(ENTRIES PROVIDED Opens)
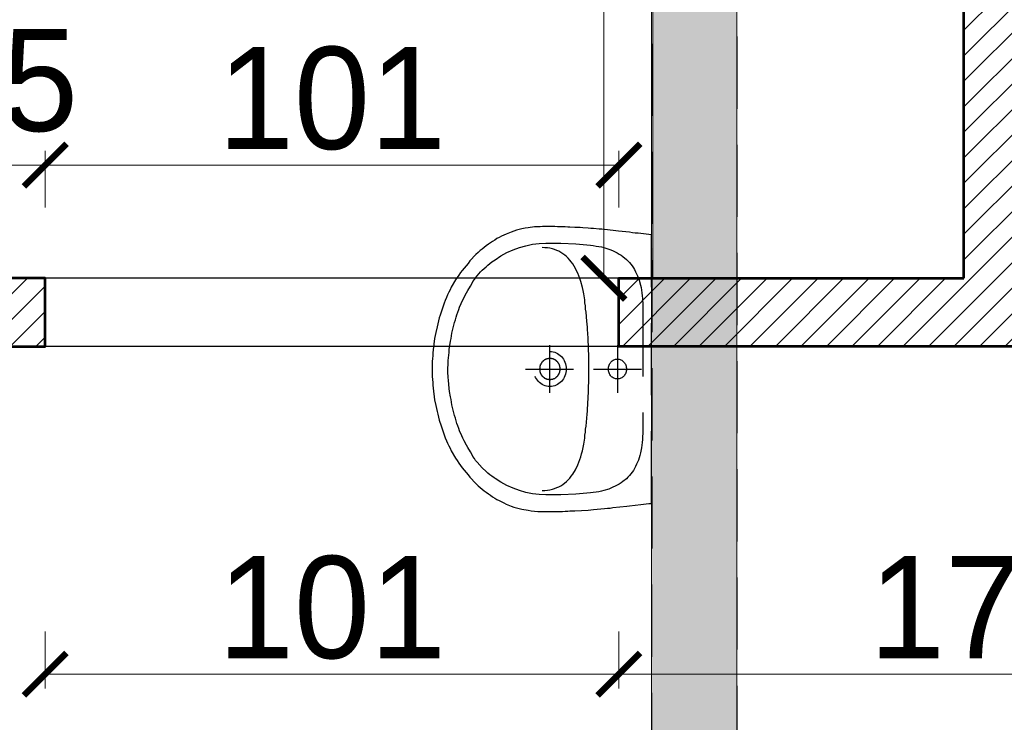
# Model space of a CAD drawing. Header units: millimetres. Extents: x 49320 to 60117, y -4209 to 20568.
# Tile 195 of 252: x 51761 to 51935, y 6209 to 6333. Entities that reach past the tile are written whole.
import ezdxf

# ---------------------------------------------------------------- set-up
doc = ezdxf.new("R2010")
doc.units = ezdxf.units.MM
doc.linetypes.add('CONTINOUS', pattern=[0])
doc.linetypes.add('DASHED', pattern=[19.05, 12.7, -6.35])
doc.layers.add('_AA powierzchnia', color=3, linetype='Continuous', lineweight=25, plot=False)
for name, color, linetype, lineweight, true_color in [('_AA rozbiórki', 7, 'DASHED', 25, 0xc73200), ('_AA szraf PROJ', 7, 'Continuous', 13, 0x003df5), ('_AA WYMIARY proj', 7, 'CONTINOUS', 18, 0x0037db), ('_AA ściany proj.', 7, 'CONTINOUS', 53, 0x0037db), ('A armatura', 7, 'Continuous', 0, 0x0505ff)]:
    doc.layers.add(name, color=color, linetype=linetype, lineweight=lineweight, true_color=true_color)
doc.layers.add('_HD-INWENTARYZACJA_WIDOK', color=251, linetype='Continuous', lineweight=18)
doc.layers.add('_mt_wymiary konstr', color=3, linetype='Continuous')
doc.dimstyles.new('_HD_050_BET_CM', dxfattribs={"dimtxt": 10, "dimasz": 7.5, "dimexe": 2.5, "dimexo": 5, "dimgap": 2.5, "dimtad": 1, "dimdec": 1, "dimrnd": 0.5, "dimtxsty": 'Standard', "dimblk": 'ARCHTICK', "dimcen": 1.25, "dimclre": 208, "dimclrt": 256, "dimadec": 1, "dimazin": 0, "dimtfac": 1, "dimtdec": 1, "dimtix": 1, "dimtmove": 1, "dimatfit": 0, "dimldrblk": 'ARCHTICK', "dimfxl": 7.5, "dimfxlon": 1, "dimlwd": -1, "dimlwe": -1, "dimarcsym": 0})
doc.dimstyles.new('k100', dxfattribs={"dimtxt": 18, "dimasz": 7, "dimexe": 10, "dimexo": 20, "dimgap": 4, "dimtad": 1, "dimdec": 1, "dimrnd": 0.5, "dimzin": 9, "dimdsep": 46, "dimtxsty": 'Standard', "dimcen": 12.534, "dimclrd": 256, "dimclre": 256, "dimclrt": 7, "dimadec": 0, "dimazin": 0, "dimtfac": 1, "dimtdec": 1, "dimtmove": 2, "dimatfit": 3, "dimfxl": 30, "dimfxlon": 1, "dimtolj": 1, "dimtzin": 0, "dimarcsym": 0})

# ---------------------------------------------------------------- blocks, each defined once
blk = doc.blocks.new('*D1336')
at = {"layer": '_mt_wymiary konstr', "lineweight": -2}
for p, q in [((51755.63, 6222.4), (51755.63, 6182.4)), ((51762.63, 6192.4), (51912.05, 6192.4)), ((52150.58, 6192.4), (51960.36, 6192.4)), ((52157.58, 6175.68), (52157.58, 6182.4))]:
    blk.add_line(p, q, dxfattribs=at)
at = {"layer": '_mt_wymiary konstr'}
for points in [[(51762.63, 6193.56), (51762.63, 6191.23), (51755.63, 6192.4)], [(52150.58, 6191.23), (52150.58, 6193.56), (52157.58, 6192.4)]]:
    blk.add_solid(points, dxfattribs=at)
at = {"layer": 'Defpoints', "color": 0}
for p in [(51755.63, 6251.28), (52157.58, 6195.68), (52157.58, 6192.4)]:
    blk.add_point(p, dxfattribs=at)
at = {"layer": '_mt_wymiary konstr', "color": 7, "insert": (51936.21, 6192.4), "char_height": 18, "attachment_point": 5}
blk.add_mtext('\\A1;402', dxfattribs=at)
blk = doc.blocks.new('_ArchTick')
at = {"color": 0, "linetype": 'ByBlock', "const_width": 0.15}
blk.add_lwpolyline([(-0.5, -0.5), (0.5, 0.5)], dxfattribs=at)
blk = doc.blocks.new('*D1518')
at = {"layer": '_AA WYMIARY proj', "ltscale": 3}
blk.add_line((51864.18, 6501.3), (51864.18, 6287.3), dxfattribs=at)
at = {"layer": '_AA WYMIARY proj', "color": 208, "ltscale": 3}
for p, q in [((51865.24, 6501.3), (51866.68, 6501.3)), ((51861.81, 6287.3), (51861.68, 6287.3))]:
    blk.add_line(p, q, dxfattribs=at)
at = {"layer": 'Defpoints', "color": 0}
for p in [(51860.24, 6501.3), (51864.18, 6287.3), (51866.81, 6287.3)]:
    blk.add_point(p, dxfattribs=at)
at = {"layer": '_AA WYMIARY proj', "linetype": 'ByBlock', "xscale": 7.5, "yscale": 7.5, "zscale": 7.5}
for p, rotation in [((51864.18, 6501.3), 90), ((51864.18, 6287.3), 270)]:
    blk.add_blockref('_ArchTick', p, dxfattribs=dict(at, rotation=rotation))
at = {"layer": '_AA WYMIARY proj', "insert": (51852.64, 6394.3), "char_height": 18, "attachment_point": 5, "rotation": 90}
blk.add_mtext('214', dxfattribs=at)
blk = doc.blocks.new('*D1519')
at = {"layer": '_AA WYMIARY proj', "color": 208, "ltscale": 3}
for p, q in [((51765.81, 6299.73), (51765.81, 6309.73)), ((51866.81, 6299.73), (51866.81, 6309.73))]:
    blk.add_line(p, q, dxfattribs=at)
at = {"layer": '_AA WYMIARY proj', "ltscale": 3}
blk.add_line((51866.81, 6307.23), (51765.81, 6307.23), dxfattribs=at)
at = {"layer": 'Defpoints', "color": 0}
for p in [(51765.81, 6307.23), (51765.81, 6287.3), (51866.81, 6287.3)]:
    blk.add_point(p, dxfattribs=at)
at = {"layer": '_AA WYMIARY proj', "linetype": 'ByBlock', "xscale": 7.5, "yscale": 7.5, "zscale": 7.5, "rotation": 180}
blk.add_blockref('_ArchTick', (51765.81, 6307.23), dxfattribs=at)
at = {"layer": '_AA WYMIARY proj', "linetype": 'ByBlock', "xscale": 7.5, "yscale": 7.5, "zscale": 7.5}
blk.add_blockref('_ArchTick', (51866.81, 6307.23), dxfattribs=at)
at = {"layer": '_AA WYMIARY proj', "insert": (51816.31, 6318.92), "char_height": 18, "attachment_point": 5}
blk.add_mtext('101', dxfattribs=at)
blk = doc.blocks.new('*D1520')
at = {"layer": '_AA WYMIARY proj', "color": 208, "ltscale": 3}
for p, q in [((51730.55, 6299.73), (51730.55, 6309.73)), ((51765.81, 6299.73), (51765.81, 6309.73))]:
    blk.add_line(p, q, dxfattribs=at)
at = {"layer": '_AA WYMIARY proj', "ltscale": 3}
for p, q in [((51730.55, 6307.23), (51723.05, 6307.23)), ((51730.55, 6307.23), (51765.81, 6307.23)), ((51765.81, 6307.23), (51773.31, 6307.23))]:
    blk.add_line(p, q, dxfattribs=at)
at = {"layer": 'Defpoints', "color": 0}
for p in [(51765.81, 6307.23), (51730.55, 6287.31), (51765.81, 6287.3)]:
    blk.add_point(p, dxfattribs=at)
at = {"layer": '_AA WYMIARY proj', "linetype": 'ByBlock', "xscale": 7.5, "yscale": 7.5, "zscale": 7.5}
blk.add_blockref('_ArchTick', (51730.55, 6307.23), dxfattribs=at)
at = {"layer": '_AA WYMIARY proj', "linetype": 'ByBlock', "xscale": 7.5, "yscale": 7.5, "zscale": 7.5, "rotation": 180}
blk.add_blockref('_ArchTick', (51765.81, 6307.23), dxfattribs=at)
at = {"layer": '_AA WYMIARY proj', "insert": (51748.18, 6320.54), "char_height": 18, "attachment_point": 5}
blk.add_mtext('35,5', dxfattribs=at)
blk = doc.blocks.new('*D1537')
at = {"layer": '_AA WYMIARY proj', "color": 208, "ltscale": 3}
for p, q in [((51765.81, 6225.07), (51765.81, 6215.07)), ((51866.81, 6225.07), (51866.81, 6215.07))]:
    blk.add_line(p, q, dxfattribs=at)
at = {"layer": '_AA WYMIARY proj', "ltscale": 3}
blk.add_line((51765.81, 6217.57), (51866.81, 6217.57), dxfattribs=at)
at = {"layer": 'Defpoints', "color": 0}
for p in [(51765.81, 6275.3), (51866.81, 6275.3), (51866.81, 6217.57)]:
    blk.add_point(p, dxfattribs=at)
at = {"layer": '_AA WYMIARY proj', "linetype": 'ByBlock', "xscale": 7.5, "yscale": 7.5, "zscale": 7.5, "rotation": 180}
blk.add_blockref('_ArchTick', (51765.81, 6217.57), dxfattribs=at)
at = {"layer": '_AA WYMIARY proj', "linetype": 'ByBlock', "xscale": 7.5, "yscale": 7.5, "zscale": 7.5}
blk.add_blockref('_ArchTick', (51866.81, 6217.57), dxfattribs=at)
at = {"layer": '_AA WYMIARY proj', "insert": (51816.31, 6229.26), "char_height": 18, "attachment_point": 5}
blk.add_mtext('101', dxfattribs=at)
blk = doc.blocks.new('*D1538')
at = {"layer": '_AA WYMIARY proj', "color": 208, "ltscale": 3}
for p, q in [((51866.81, 6225.07), (51866.81, 6215.07)), ((52044.58, 6225.07), (52044.58, 6215.07))]:
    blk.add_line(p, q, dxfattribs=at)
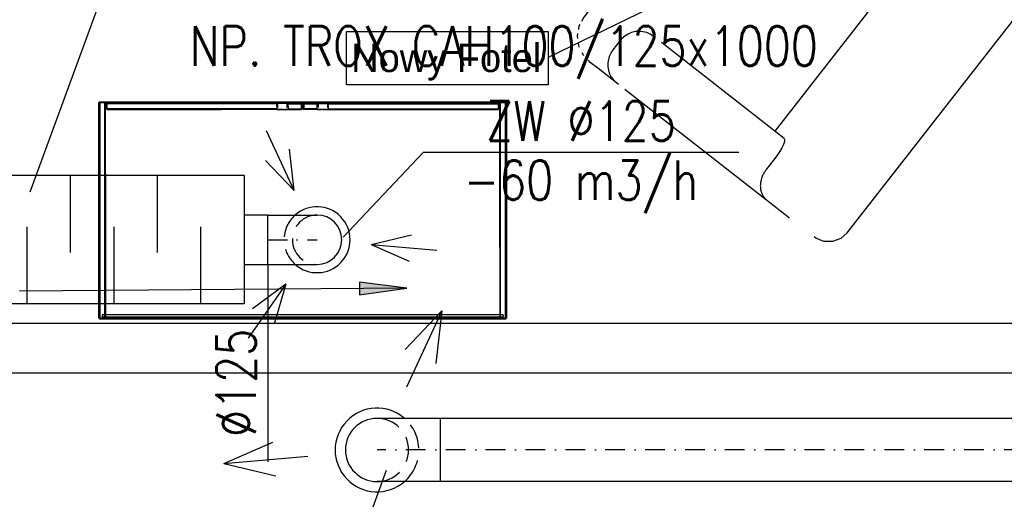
# Model space of a CAD drawing. Header units: centimetres. Extents: x -1062 to 5388, y 1642 to 2943.
# Tile 13 of 90: x -653 to -404, y 2302 to 2423. Entities that reach past the tile are written whole.
import ezdxf
from ezdxf.enums import TextEntityAlignment as Align

# ---------------------------------------------------------------- set-up
doc = ezdxf.new("R2010")
doc.units = ezdxf.units.CM
doc.linetypes.add('DASHDOT', pattern=[1, 0.5, -0.25, 0, -0.25])
doc.linetypes.add('HIDDEN', pattern=[9.525, 6.35, -3.175])
doc.layers.add('M-AXS', color=2, linetype='DASHDOT', lineweight=30)
doc.layers.add('M-TEXT-n', color=5, linetype='Continuous', lineweight=9)
for name, color, linetype, true_color in [('M-DIFF-RETN', 230, 'Continuous', 0xff007f), ('M-DIFF-SUPP', 7, 'Continuous', 0x006dda), ('M-DUCT-RETN', 230, 'Continuous', 0xff007f), ('M-DUCT-SUPP', 7, 'Continuous', 0x006dda)]:
    doc.layers.add(name, color=color, linetype=linetype, true_color=true_color)
for name, color, linetype in [('M-LDR', 5, 'Continuous'), ('M-XREF', 252, 'Continuous'), ('XREF$0$Meble', 8, 'Continuous'), ('XREF$0$Modele ogólne', 8, 'Continuous'), ('XREF$0$Notatki tekstowe', 8, 'Continuous'), ('XREF$0$Notatki tekstowe-1', 8, 'Continuous'), ('XREF$0$Ściany-2', 8, 'Continuous')]:
    doc.layers.add(name, color=color, linetype=linetype)
doc.styles.add('RomanS', font='romans.shx')
doc.styles.add('XREF$0$Arial', font='txt', dxfattribs={"height": 7.2})

# ---------------------------------------------------------------- blocks, each defined once
blk = doc.blocks.new('XREF$0$Armchair Plump - Armchair Plump-491428-Aranżacja_01')
at = {"layer": 'XREF$0$Meble'}
for p, q in [((34, 48.98), (-34, 48.98)), ((-40, 35.07), (-40, 27.73)), ((40, 27.73), (40, 35.07)), ((-40, 27.73), (-40, -17.79)), ((40, -17.79), (40, 27.73)), ((-31, 22.93), (-34, 22.93)), ((31, 22.93), (34, 22.93)), ((-25, -17.79), (-25, 21.64)), ((25, 21.64), (25, -17.79)), ((-25, 18.64), (25, 18.64)), ((-40, -19.87), (-40, -20.56)), ((-25, -20.33), (-25, -19.87)), ((25, -19.87), (25, -20.33)), ((40, -20.56), (40, -19.87)), ((-40, -20.56), (-40, -28.56)), ((40, -26.56), (40, -20.56)), ((-34, -26.33), (-31, -26.33)), ((31, -26.33), (34, -26.33)), ((40, -28.56), (40, -26.56)), ((-40, -28.56), (-40, -29.25)), ((-40, -29.25), (-39.97, -29.43)), ((39.94, -29.68), (40, -29.25)), ((40, -29.25), (40, -28.56)), ((-32, -37.25), (32, -37.25)), ((32, -37.25), (33.26, -37.04))]:
    blk.add_line(p, q, dxfattribs=at)
at = {"layer": 'XREF$0$Meble', "flags": 128}
for points in [[(-40, 42.98), (-39.59, 45.16), (-38.42, 47.04), (-36.65, 48.37), (-34.52, 48.96), (-34, 48.98)], [(34, 48.98), (36.18, 48.57), (38.06, 47.4), (39.38, 45.63), (39.98, 43.5), (40, 42.98)], [(-25, 21.64), (-25.15, 21.93), (-25.59, 22.2), (-26.31, 22.45), (-27.26, 22.65), (-28.4, 22.81), (-29.66, 22.9), (-31, 22.93)], [(25, 21.64), (25.15, 21.93), (25.59, 22.2), (26.31, 22.45), (27.26, 22.65), (28.4, 22.81), (29.66, 22.9), (31, 22.93)], [(-39.63, -31.5), (-39.59, -31.77), (-39.26, -32.41)], [(39.37, -32.14), (39.68, -31.5), (39.7, -31.34)], [(-38.65, -33.56), (-38.4, -34.04), (-37.96, -34.47)], [(38.06, -34.34), (38.57, -33.81), (38.75, -33.44)], [(-37.14, -35.26), (-36.56, -35.82), (-36.17, -36.01)], [(-35.24, -36.45), (-34.25, -36.92), (-32, -37.25)], [(34.17, -36.89), (34.53, -36.84), (35.36, -36.4)], [(36.28, -35.92), (36.8, -35.65), (37.26, -35.17)]]:
    blk.add_lwpolyline(points, dxfattribs=at)
at = {"layer": 'XREF$0$Meble'}
for centre, major_axis, start_param, end_param in [((-31, -20.33), (-6, 0), 1.570796, 3.141593), ((31, -20.33), (6, 0), 3.141593, 4.448922), ((31, -20.33), (6, 0), 4.45059, 4.712389)]:
    blk.add_ellipse(centre, major_axis=major_axis, ratio=0.999261, start_param=start_param, end_param=end_param, dxfattribs=at)
for points, knots in [([(-34, 22.93), (-34.41, 22.94), (-35.21, 23), (-36.16, 23.24), (-36.84, 23.5), (-37.32, 23.73), (-37.76, 23.98), (-38.69, 24.64), (-39.36, 25.46), (-39.76, 26.35), (-39.94, 26.96), (-40, 27.42), (-40, 27.73)], [0, 0, 0, 0, 0.111111, 0.222222, 0.277778, 0.333333, 0.388889, 0.444444, 0.722222, 0.791667, 0.861111, 1, 1, 1, 1]), ([(34, 22.93), (34.31, 22.93), (34.76, 22.96), (35.35, 23.05), (35.78, 23.14), (36.12, 23.24), (36.39, 23.33), (36.65, 23.42), (36.96, 23.56), (37.36, 23.75), (37.76, 23.98), (38.16, 24.27), (38.52, 24.57), (38.94, 24.99), (39.37, 25.55), (39.74, 26.26), (39.95, 26.99), (40, 27.48), (40, 27.73)], [-1, -1, -1, -1, -0.916667, -0.875, -0.833333, -0.791667, -0.770833, -0.75, -0.708333, -0.666667, -0.611111, -0.555556, -0.5, -0.444444, -0.333333, -0.222222, -0.111111, 0, 0, 0, 0]), ([(-40, -20.56), (-40, -21.06), (-39.9, -21.82), (-39.56, -22.77), (-39.27, -23.34), (-38.99, -23.77), (-38.69, -24.18), (-38.34, -24.56), (-37.96, -24.9), (-37.55, -25.22), (-37.01, -25.57), (-36.3, -25.9), (-35.31, -26.23), (-34.52, -26.33), (-34, -26.33)], [0, 0, 0, 0, 0.166667, 0.25, 0.333333, 0.375, 0.416667, 0.5, 0.541667, 0.583333, 0.666667, 0.75, 0.833333, 1, 1, 1, 1]), ([(34, -26.33), (34.52, -26.33), (35.31, -26.23), (36.3, -25.9), (37.01, -25.57), (37.55, -25.22), (37.96, -24.9), (38.34, -24.56), (38.77, -24.08), (39.14, -23.56), (39.39, -23.11), (39.6, -22.65), (39.9, -21.82), (40, -21.06), (40, -20.56)], [0, 0, 0, 0, 0.166667, 0.25, 0.333333, 0.416667, 0.458333, 0.5, 0.583333, 0.666667, 0.708333, 0.75, 0.833333, 1, 1, 1, 1])]:
    blk.add_open_spline(points, degree=3, knots=knots, dxfattribs=at)
blk = doc.blocks.new('XREF$0$regał_VOX_concept - regał_VOX_concept-886835-Aranżacja_01')
at = {"layer": 'XREF$0$Modele ogólne'}
for p, q in [((-51.6, 26.66), (-51.44, 26.82)), ((-51.6, 26.66), (-51.44, 26.82)), ((-51.6, 26.66), (-51.5, 26.66)), ((-51.6, 26.66), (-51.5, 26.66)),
(ENTRIES PROVIDED Closes)
WORK INSTRUCTIONS >> After locating the line with "doc.linetypes.add('DASHED', pattern=[19.05, 12.7, -6.35])" in the material above, return it and each line after it exactly, ending at the line with "color=251, linetype='Continuous', lineweight=18)".

RESULT >>
doc.linetypes.add('DASHED', pattern=[19.05, 12.7, -6.35])
doc.layers.add('_AA powierzchnia', color=3, linetype='Continuous', lineweight=25, plot=False)
for name, color, linetype, lineweight, true_color in [('_AA rozbiórki', 7, 'DASHED', 25, 0xc73200), ('_AA szraf PROJ', 7, 'Continuous', 13, 0x003df5), ('_AA WYMIARY proj', 7, 'CONTINOUS', 18, 0x0037db), ('_AA ściany proj.', 7, 'CONTINOUS', 53, 0x0037db), ('A armatura', 7, 'Continuous', 0, 0x0505ff)]:
    doc.layers.add(name, color=color, linetype=linetype, lineweight=lineweight, true_color=true_color)
doc.layers.add('_HD-INWENTARYZACJA_WIDOK', color=251, linetype='Continuous', lineweight=18)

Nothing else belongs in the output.